Looking at instant messengers, modern messengers like Signal or WhatsApp solved a lot of the issues of their predecessors. I'd like to know how mail would look if it were to be designed today with all we know.
@fluchtkapsel @inthehands This is like saying Signal is bolted on IPv4 which was never meant to be secure. Sorry, but this is non-sense. Both PGP and S/MIME are perfectly viable and proven standards to provide proper E2EE.
But as usual standards have to be *implemented* and made usable. E.g. Apple has done the former, but didn't invest in the latter.
It works for Signal and WhatsApp because they are silos. That's not necessary w/ email.
@helge @fluchtkapsel
Larger point stands, but:
> This is like saying Signal is bolted on IPv4
That’s a bit of a strawman. IPv4 isn’t a text messaging protocol. There’s not a default version of Signal-like functionality on IPv4.
The problem with email is that there •is• a de facto default, and it’s insecure. Thus the change friction.

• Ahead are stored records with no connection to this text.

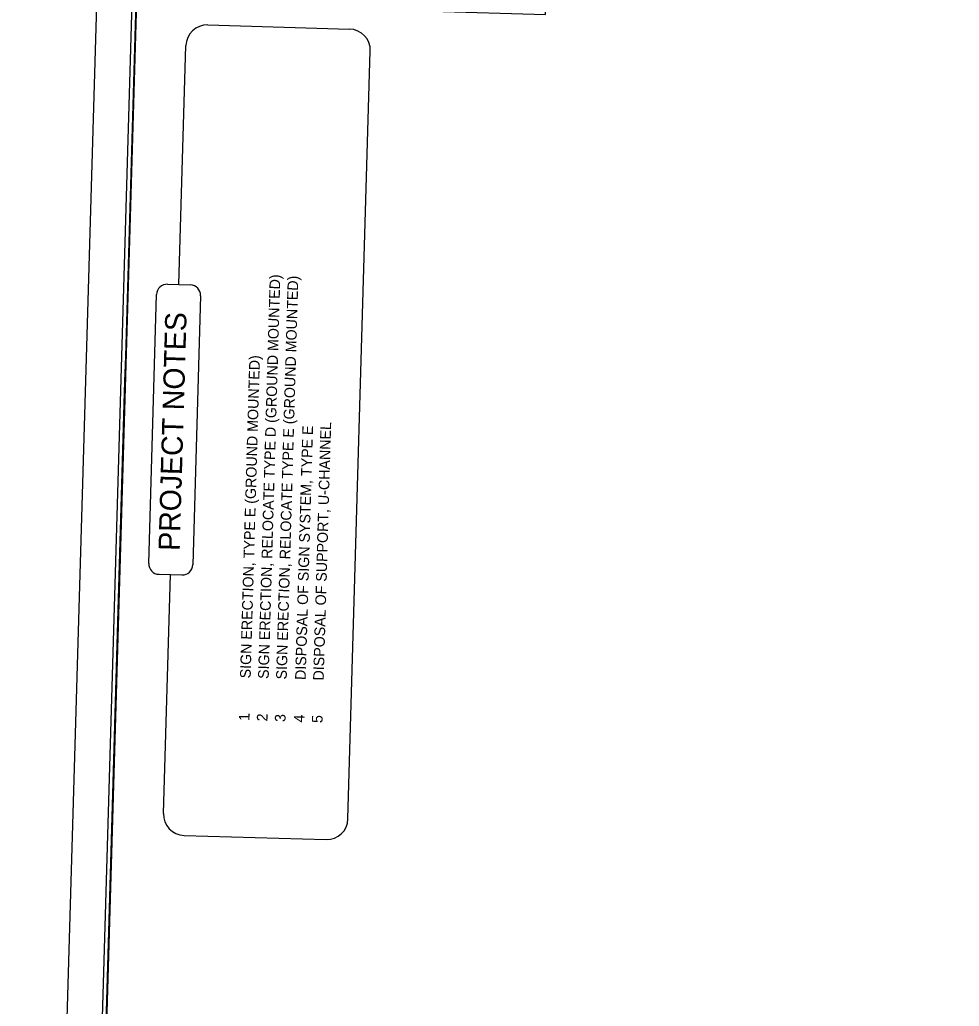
# Model space of a CAD drawing. Extents: x 2096999 to 2102576, y 682920 to 687015.
# Drawn here: x 2096999 to 2097529, y 686071 to 686627 of the extents above; entities that cross this region are included whole.
import ezdxf

# ---------------------------------------------------------------- set-up
doc = ezdxf.new("R2010")
doc.units = 0
for name, color, linetype in [('Default', 7, 'Continuous'), ('Scratch_Level_2', 7, 'Continuous'), ('Sheet Plan CELL', 7, 'Continuous'), ('Sheet Plot Border Inside CELL', 7, 'Continuous'), ('Sheet Plot Border Outside CELL', 7, 'Continuous'), ('Sheet Title CELL', 7, 'Continuous')]:
    doc.layers.add(name, color=color, linetype=linetype)

msp = doc.modelspace()

# ---------------------------------------------------------------- linework, layer by layer
at = {"layer": 'Scratch_Level_2'}
msp.add_lwpolyline([(2097234.32, 685317.78), (2097026.76, 685323.81), (2097058.72, 686423.24), (2097059.31, 686437.01), (2097065.14, 686636.69), (2097214.22, 686632.33), (2097231.8, 686631.82), (2097295.87, 686629.95), (2097298.79, 686729.78), (2098044.58, 686708.09), (2098037.23, 686456.47), (2098110.07, 686454.34), (2098090.85, 685704.42)], close=True, dxfattribs=at)
at = {"layer": 'Sheet Plan CELL'}
msp.add_lwpolyline([(2097070.6, 686823.38), (2097026.77, 685323.98), (2098076.32, 685293.3), (2098120.15, 686792.67)], close=True, dxfattribs=at)
msp.add_lwpolyline([(2097070.6, 686823.38), (2097026.77, 685323.98), (2098076.32, 685293.3), (2098120.15, 686792.67)], close=True, dxfattribs=at)
at = {"layer": 'Sheet Plot Border Inside CELL'}
msp.add_lwpolyline([(2098074.34, 685139.8), (2098123.02, 686805.08), (2097068.48, 686835.92), (2097019.79, 685170.63)], close=True, dxfattribs=at)
msp.add_lwpolyline([(2098074.34, 685139.8), (2098123.02, 686805.08), (2097068.48, 686835.92), (2097019.79, 685170.63)], close=True, dxfattribs=at)
at = {"layer": 'Sheet Plot Border Outside CELL'}
msp.add_lwpolyline([(2098093.96, 685126.22), (2098143.15, 686809.01), (2097048.62, 686841), (2096999.42, 685158.22)], close=True, dxfattribs=at)
msp.add_lwpolyline([(2098093.96, 685126.22), (2098143.15, 686809.01), (2097048.62, 686841), (2096999.42, 685158.22)], close=True, dxfattribs=at)
at = {"layer": 'Sheet Title CELL'}
for p, q in [((2097105.41, 686624.05), (2097185.39, 686621.73)), ((2097089.15, 686477.68), (2097093.07, 686612.41)), ((2097184.45, 686176.28), (2097197.04, 686609.39)), ((2097082.72, 686477.86), (2097095.57, 686477.49)), ((2097072.14, 686320.4), (2097076.55, 686472.04)), ((2097101.4, 686471.32), (2097096.99, 686319.67)), ((2097077.97, 686314.22), (2097090.82, 686313.85)), ((2097080.48, 686179.3), (2097084.39, 686314.04)), ((2097092.12, 686166.96), (2097172.11, 686164.64))]:
    msp.add_line(p, q, dxfattribs=at)
for centre, radius, start, end in [((2097105.06, 686612.06), 12, 88.3348, 178.3348), ((2097185.05, 686609.73), 12, 358.3348, 88.3348), ((2097082.55, 686471.86), 6, 88.3348, 178.3348), ((2097095.4, 686471.49), 6, 358.3348, 88.3348), ((2097078.14, 686320.22), 6, 178.3348, 268.3348), ((2097090.99, 686319.85), 6, 268.3348, 358.3348), ((2097092.47, 686178.96), 12, 178.3348, 268.3348), ((2097172.46, 686176.63), 12, 268.3348, 358.3348)]:
    msp.add_arc(centre, radius, start, end, dxfattribs=at)

# ---------------------------------------------------------------- texts
at = {"layer": 'Default'}
for s, height, p in [('SIGN ERECTION, RELOCATE TYPE D (GROUND MOUNTED)', 6, (2097139.74, 686255.17)), ('SIGN ERECTION, RELOCATE TYPE E (GROUND MOUNTED)', 6, (2097149.9, 686254.87)), ('PROJECT NOTES', 12, (2097089.6, 686327.33)), ('SIGN ERECTION, TYPE E (GROUND MOUNTED)', 6, (2097129.57, 686255.47)), ('DISPOSAL OF SIGN SYSTEM, TYPE E', 6, (2097160.61, 686254.56)), ('DISPOSAL OF SUPPORT, U-CHANNEL', 6, (2097170.77, 686254.27)), ('1', 6, (2097128.87, 686231.48)), ('2', 6, (2097139.04, 686231.18)), ('3', 6, (2097149.2, 686230.88)), ('4', 6, (2097159.91, 686230.57)), ('5', 6, (2097170.08, 686230.28))]:
    msp.add_text(s, height=height, rotation=88.3348, dxfattribs=at).set_placement(p)

doc.saveas('drawing.dxf')

I mean, this was the case with https, and it took how long for https to become the new de facto default?? And that was (I think) an easier problem.
@inthehands @fluchtkapsel I think the comparison is apt. You could build an "Email-Signal" on top of plain email right away, only using open standards that exist for like 30(?) years. Signal has the Silo advantage. Maybe Proton is this, no idea? Email is a federated transport protocol and what you built on top is entirely up to you. Think iMIP.
http vs https has a similar issue and Let's Encrypt was a dealbreaker here. It is much easier, because primarily a server side issue.
@helge @inthehands @fluchtkapsel
"Signal has the Silo advantage. Maybe Proton is this, no idea?"
I don't think Proton has the silo "advantage" you describe since they still try to follow email and PGP standards as far as I know. Tuta has a bit more of the silo "advantage" because they don't restrict their encryption to PGP standards, but obviously they still need to follow email standards
"Looking at instant messengers, modern messengers like Signal or WhatsApp solved a lot of the issues of their predecessors. I'd like to know how mail would look if it were to be designed today with all we know."
I imagine it would look like Delta Chat.
@inthehands Proton were probably the first to successfully make PGP trivial to the user. And you could easily dl the public key for distrib (Facebook used to let you upload a key and account emails would be PGP encrypted). Having that built in to webmail/mobile app was nice, since PGP support usually meant a desktop client. But fundamentally it takes two to tango and it only matters if the other party is also using PGP, so really their main (non-unique) benefit is “not gmail”.